Now my go to recomendation would be a Bulova, most of them perform at under 20spy and well within COSC, but pricing in different markets means they may be more expensive in your region. Not sure if they are a bargain in eastern Europe, and not sure if they qualify here anymore.

Next would be a Certina, but again not sure about pricing around you and they now are "only" COSC, again not sure if they qualify here. The entire Precidrive line stands by 8 to 10 times better than a standard quartz watch, and Breitling also stands by 10 times better, so again neither brand is a 10spy watch.

That leaves you with the Longines VHP, as the cheapest option, at around 1000 euro's pretty much everywhere, but the US where they are cheaper. After that you have Citizen and Seiko which are at least twice as expensive.

Hope this helps you out OP.


----------



## yankeexpress (Apr 7, 2013)

The various color versions of these excellent HAQ can be found New severely discounted for thorough shoppers


----------



## ppaulusz (Feb 11, 2006)

wbird said:


> Ron I know it's kind of your go to line, some variation of use the search function. Please stop doing it. The search function is not the answer to most any question. It's not appropriate in normal interactions with anybody in person or on a forum. If you don't think so give that response to your girlfriend, wife, kid, or coworker next time they ask you a question. It's insulting...


Advising of the usage of the search function of HAQ is the best advise any new visitor of the HAQ forum should receive! 
Searching in the database of the HAQ forum is educating and fun at the same time and certainly the best way to avoid any unnecessary question/inquiry.


----------



## farmerboy (Jul 23, 2018)

Often when I search on this forum I will get a zero info. notice. 
Many times if I go right back and use the very same words I will then get multiple links.

I use a Mac. This happens regardless of if I have cleared my computer of all stored info or not.
I can reset everything and it makes no difference. Early on I asked several already answered questions because I found zero information.
Now, I do a search at least twice in a row and most times get at least some hits.

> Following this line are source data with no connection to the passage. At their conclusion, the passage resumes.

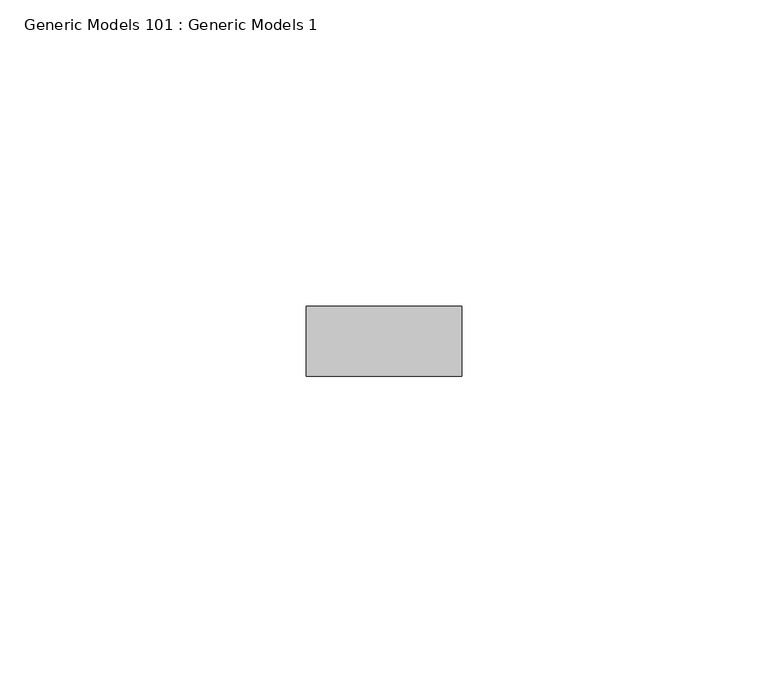
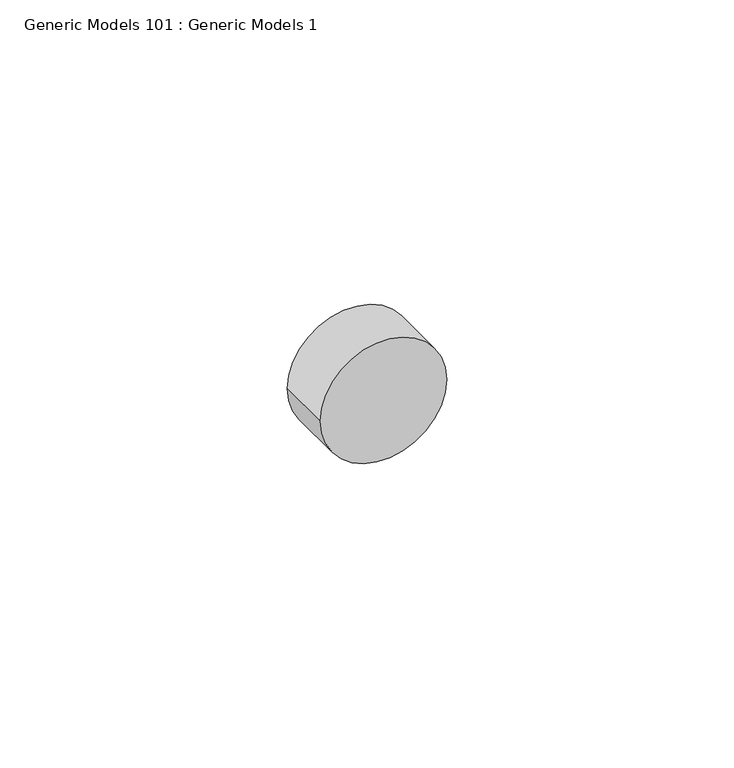
"""IFC4 building model written with IfcOpenShell, lengths in millimetres: proxy geometry, Generic Models 101 : Generic Models 1."""

import ifcopenshell
import ifcopenshell.guid

model = None  # the IFC model being written
_history = None  # IfcOwnerHistory: only IFC2X3 demands one
_inside = {}  # id of a spatial element -> (the spatial element, [elements in it])
_under = {}  # id of a project, library or spatial element -> (it, [spatial elements below it])
_declared = {}  # id of a project -> (the project, [libraries it declares])
_typed = {}  # id of a type object -> (the type object, [elements of that type])
_made_of = {}  # id of a material, layer set ... -> (it, [elements and type objects made of it])


def new_model(schema):
    """Start an empty IFC model of exactly this schema.

    Asked for "IFC4X3", IfcOpenShell would pick the latest addendum, in which some entities
    have other attributes; the version numbers below select the first issue.
    IFC2X3 requires an IfcOwnerHistory on every rooted entity: one is made here for all.
    """
    global model, _history
    if schema == "IFC4X3":
        model = ifcopenshell.file(schema_version=(4, 3, 0, 0))
    else:
        model = ifcopenshell.file(schema=schema)
    _inside.clear()
    _under.clear()
    _declared.clear()
    _typed.clear()
    _made_of.clear()
    _history = None
    if model.schema == "IFC2X3":
        org = make("IfcOrganization", Name="unknown")
        user = make(
            "IfcPersonAndOrganization",
            ThePerson=make("IfcPerson", FamilyName="unknown"),
            TheOrganization=org,
        )
        app = make(
            "IfcApplication",
            ApplicationDeveloper=org,
            Version="unknown",
            ApplicationFullName="unknown",
            ApplicationIdentifier="unknown",
        )
        _history = make(
            "IfcOwnerHistory",
            OwningUser=user,
            OwningApplication=app,
            ChangeAction="ADDED",
            CreationDate=0,
        )
    return model


def make(cls, **values):
    """One entity of the class cls with the attributes given. An attribute that is None is left unset."""
    return model.create_entity(
        cls, **{name: value for name, value in values.items() if value is not None}
    )


def rooted(cls, **values):
    """An entity with a GlobalId (a new one), such as an element, a storey or a relation."""
    return make(cls, GlobalId=ifcopenshell.guid.new(), OwnerHistory=_history, **values)


def si_unit(unit_type, name, prefix=None):
    """IfcSIUnit, for example si_unit("LENGTHUNIT", "METRE", prefix="MILLI")."""
    return make("IfcSIUnit", UnitType=unit_type, Prefix=prefix, Name=name)


def assignment(units):
    """IfcUnitAssignment: the units of a project."""
    return None if units is None else make("IfcUnitAssignment", Units=units)


def point(xyz):
    """IfcCartesianPoint."""
    return None if xyz is None else make("IfcCartesianPoint", Coordinates=xyz)


def direction(xyz):
    """IfcDirection."""
    return None if xyz is None else make("IfcDirection", DirectionRatios=xyz)


def frame(location, z_axis=None, x_axis=None):
    """IfcAxis2Placement3D, a coordinate frame: its origin and axes. An axis left out is left unset."""
    return make(
        "IfcAxis2Placement3D",
        Location=point(location),
        Axis=direction(z_axis),
        RefDirection=direction(x_axis),
    )


def frame_2d(location, x_axis=None):
    """IfcAxis2Placement2D, a coordinate frame in the plane: its origin and x axis."""
    return make(
        "IfcAxis2Placement2D", Location=point(location), RefDirection=direction(x_axis)
    )


def origin():
    """The frame at (0, 0, 0) with its axes left unset."""
    return frame((0.0, 0.0, 0.0))


def place(relative_to, where):
    """IfcLocalPlacement: puts the frame where relative to a parent placement (None: the world)."""
    return make(
        "IfcLocalPlacement", PlacementRelTo=relative_to, RelativePlacement=where
    )


def context(
    kind, dimensions, precision=None, world=None, true_north=None, identifier=None
):
    """IfcGeometricRepresentationContext, for example the 3D "Model" context."""
    return make(
        "IfcGeometricRepresentationContext",
        ContextIdentifier=identifier,
        ContextType=kind,
        CoordinateSpaceDimension=dimensions,
        Precision=precision,
        WorldCoordinateSystem=world,
        TrueNorth=true_north,
    )


def project(units=None, contexts=None):
    """IfcProject with its units and contexts."""
    return rooted(
        "IfcProject",
        Name="project",
        RepresentationContexts=contexts,
        UnitsInContext=assignment(units),
    )


def spatial(cls, under=None, at=None, **own):
    """A site, building, storey or space (cls), placed at a placement, below another one or the project."""
    s = rooted(cls, ObjectPlacement=at, **own)
    if under is not None:
        _under.setdefault(under.id(), (under, []))[1].append(s)
    return s


def circle_curve(where, radius):
    """IfcCircle in the frame where."""
    return make("IfcCircle", Position=where, Radius=radius)


def trimmed(basis, trim1, trim2, sense, master):
    """IfcTrimmedCurve: the piece of a basis curve between two trims."""
    return make(
        "IfcTrimmedCurve",
        BasisCurve=basis,
        Trim1=trim1,
        Trim2=trim2,
        SenseAgreement=sense,
        MasterRepresentation=master,
    )


def segment(curve, same_sense, transition):
    """IfcCompositeCurveSegment."""
    return make(
        "IfcCompositeCurveSegment",
        Transition=transition,
        SameSense=same_sense,
        ParentCurve=curve,
    )


def composite_curve(segments, self_intersect=None):
    """IfcCompositeCurve: segments joined end to end."""
    return make("IfcCompositeCurve", Segments=segments, SelfIntersect=self_intersect)


def outline(outer, holes=None, kind="AREA"):
    """IfcArbitraryClosedProfileDef: a profile drawn as a closed curve; with holes, ...WithVoids."""
    if holes is None:
        return make("IfcArbitraryClosedProfileDef", ProfileType=kind, OuterCurve=outer)
    return make(
        "IfcArbitraryProfileDefWithVoids",
        ProfileType=kind,
        OuterCurve=outer,
        InnerCurves=holes,
    )


def extrude(swept, where, along, depth):
    """IfcExtrudedAreaSolid: the profile swept, set in the frame where, extruded along a direction by depth."""
    return make(
        "IfcExtrudedAreaSolid",
        SweptArea=swept,
        Position=where,
        ExtrudedDirection=direction(along),
        Depth=depth,
    )


def shape(context_of_items, identifier, shape_type, items):
    """IfcShapeRepresentation: the items that make up one representation, for example the "Body"."""
    return make(
        "IfcShapeRepresentation",
        ContextOfItems=context_of_items,
        RepresentationIdentifier=identifier,
        RepresentationType=shape_type,
        Items=items,
    )


def source(mapping_origin, context_of_items, identifier, shape_type, items):
    """IfcRepresentationMap: a shape defined once, which mapped items show again and again."""
    return make(
        "IfcRepresentationMap",
        MappingOrigin=mapping_origin,
        MappedRepresentation=shape(context_of_items, identifier, shape_type, items),
    )


def transform(
    local_origin,
    x_axis=None,
    y_axis=None,
    z_axis=None,
    scale=None,
    scale2=None,
    scale3=None,
    uniform=True,
):
    """IfcCartesianTransformationOperator3D, or its non-uniform kind. x_axis, y_axis, z_axis: its Axis1, 2, 3."""
    if uniform:
        return make(
            "IfcCartesianTransformationOperator3D",
            Axis1=direction(x_axis),
            Axis2=direction(y_axis),
            LocalOrigin=point(local_origin),
            Scale=scale,
            Axis3=direction(z_axis),
        )
    return make(
        "IfcCartesianTransformationOperator3DnonUniform",
        Axis1=direction(x_axis),
        Axis2=direction(y_axis),
        LocalOrigin=point(local_origin),
        Scale=scale,
        Axis3=direction(z_axis),
        Scale2=scale2,
        Scale3=scale3,
    )


def mapped(mapping_source, mapping_target):
    """IfcMappedItem: shows the shape of a source again, moved by a transform."""
    return make(
        "IfcMappedItem", MappingSource=mapping_source, MappingTarget=mapping_target
    )


def made_of(thing, what):
    """Note that an element or type object is made of a material, layer set ...; save() writes the relation."""
    if what is not None:
        _made_of.setdefault(what.id(), (what, []))[1].append(thing)
    return thing


def element(
    cls,
    number,
    at=None,
    inside=None,
    cuts=None,
    type_object=None,
    material=None,
    context=None,
    identifier="Body",
    shape_type=None,
    held_by="IfcProductDefinitionShape",
    body=None,
    shapes=None,
    **own,
):
    """One element of the class cls, such as IfcWall. Its Tag is "e" and its number.

    at: its placement. inside: the storey or other place that contains it. cuts: it is an
    opening in that element (IfcRelVoidsElement). A single representation is given by context,
    identifier, shape_type and body (its items); several are given by shapes. held_by: the class
    of the entity that holds the representations. save() writes the other relations.
    """
    e = rooted(cls, Tag="e%d" % number, ObjectPlacement=at, **own)
    if body is not None:
        shapes = [shape(context, identifier, shape_type, body)]
    if shapes is not None:
        e.Representation = make(held_by, Representations=shapes)
    if inside is not None:
        _inside.setdefault(inside.id(), (inside, []))[1].append(e)
    if cuts is not None:
        rooted(
            "IfcRelVoidsElement", RelatingBuildingElement=cuts, RelatedOpeningElement=e
        )
    if type_object is not None:
        _typed.setdefault(type_object.id(), (type_object, []))[1].append(e)
    return made_of(e, material)


def aggregate(whole, parts):
    """IfcRelAggregates: a whole, such as a stair, and the parts it consists of."""
    return rooted("IfcRelAggregates", RelatingObject=whole, RelatedObjects=parts)


def save(model, path):
    """Write the relations noted so far, then the file.

    IfcRelAggregates (storeys below a building ...), IfcRelContainedInSpatialStructure (elements
    in a storey), IfcRelDefinesByType, IfcRelAssociatesMaterial and IfcRelDeclares: one each for
    every whole, place, type object, material and project.
    """
    for whole, parts in _under.values():
        aggregate(whole, parts)
    for where, things in _inside.values():
        rooted(
            "IfcRelContainedInSpatialStructure",
            RelatedElements=things,
            RelatingStructure=where,
        )
    for kind, things in _typed.values():
        rooted("IfcRelDefinesByType", RelatedObjects=things, RelatingType=kind)
    for what, things in _made_of.values():
        rooted("IfcRelAssociatesMaterial", RelatedObjects=things, RelatingMaterial=what)
    for by, libraries in _declared.values():
        rooted("IfcRelDeclares", RelatingContext=by, RelatedDefinitions=libraries)
    model.write(path)


def generic_models_101_generic_models_1_eaa3b5e4(model_context):
    return source(origin(), model_context, "Body", "SweptSolid", [
        extrude(outline(composite_curve([segment(trimmed(circle_curve(frame_2d((37345.8776334, 6010.5828124)), 12.7), [point((37345.8776334, 5997.8828124))], [point((37345.8776334, 6023.2828124))], False, "CARTESIAN"), True, "CONTINUOUS"), segment(trimmed(circle_curve(frame_2d((37345.8776334, 6010.5828124)), 12.7), [point((37345.8776334, 6023.2828124))], [point((37345.8776334, 5997.8828124))], False, "CARTESIAN"), True, "CONTINUOUS")], self_intersect=False)), frame((0.0, 1836.9202358, 0.0), z_axis=(0.0, 1.0, 0.0), x_axis=(0.0, 0.0, 1.0)), (0.0, 0.0, 1.0), 11.4464372),
    ])


if __name__ == "__main__":
    model = new_model("IFC4")
    model_context = context("Model", 3, world=origin())
    ifc_project = project(units=[si_unit("LENGTHUNIT", "METRE", prefix="MILLI")], contexts=[model_context])
    site = spatial("IfcSite", under=ifc_project)
    building = spatial("IfcBuilding", under=site)
    placement = place(None, origin())
    generic_models_101_generic_models_1_shape = generic_models_101_generic_models_1_eaa3b5e4(model_context)
    element("IfcBuildingElementProxy", 1, Name="Generic Models 101 : Generic Models 1", ObjectType="Generic Models 101 : Generic Models 1", at=placement, inside=building, context=model_context, shape_type="MappedRepresentation", body=[
        mapped(generic_models_101_generic_models_1_shape, transform((0.0, 0.0, 0.0), x_axis=(1.0, 0.0, 0.0), y_axis=(0.0, 1.0, 0.0), z_axis=(0.0, 0.0, 1.0))),
    ])
    save(model, "model.ifc")

# Revit data of these elements
# Element 1 (IfcBuildingElementProxy, "Generic Models 101 : Generic Models 1")
#   Materials on its faces: "S.S. LAG BOLT - SEE STRUCT. DWGS"
# Materials
#   "S.S. LAG BOLT - SEE STRUCT. DWGS": class "Generic", colour RGB 120 120 120, transparency 0, Cost = 0

I do not know if it is this website or my computer that causes this. To help the OP, Joma has Bulova Lunar Pilot for $299.


----------



## Fergfour (Jan 4, 2013)

farmerboy said:


> Often when I search on this forum I will get a zero info. notice.
> Many times if I go right back and use the very same words I will then get multiple links.
> 
> I use a Mac. This happens regardless of if I have cleared my computer of all stored info or not.
> ...


Same thing for me with a PC. Type in a word and search and get nothing. Type in the same exact word again then I get hits. Been like this as long as I can remember.


----------



## kcotham (Jun 21, 2018)

Yup, the search function is basically useless. 

To answer your question, you can't go wrong with a Bulova. The 262Hz movements are great. I've owned three of them, still have two. They are never off much at all when it comes time to switch from MST to MDT and back (which I wish would end, just stay on standard time for crying out loud!). And you can pick up a very handsome model for around $200, some times less.


----------



## John MS (Mar 17, 2006)

Seiko SACM171 uses an 8j41 movement rated for 10 seconds per year.


----------



## woodville63 (Dec 28, 2011)

I tend to use Google site search. As the question concerns price I limited it to the last 6 months, https://www.google.com/search?q=che...=cdr:1,cd_min:4/1/2019,cd_max:10/20/2019&tbm=

More results using affordable instead of cheap, https://www.google.com/search?lr=&h...hUKEwiw-vGm5KnlAhWJF3IKHeURClsQ4dUDCAs&uact=5

I guess we don't like to think of ourselves as cheap.:-d

EDIT. There's a Certina DS-2 Precidrive on F29.


----------



## wbird (Feb 25, 2015)

What made OP's question a little different than most is that he is in Moscow Russia, not sure the taxes/duties he faces. Is Joma or any of the US or Japanese GM sellers an option? I know Certina has strong presence in Russia, not sure if their prices are higher there.

He also has to consider how willing WUS members are willing to ship internationally especially to Russia.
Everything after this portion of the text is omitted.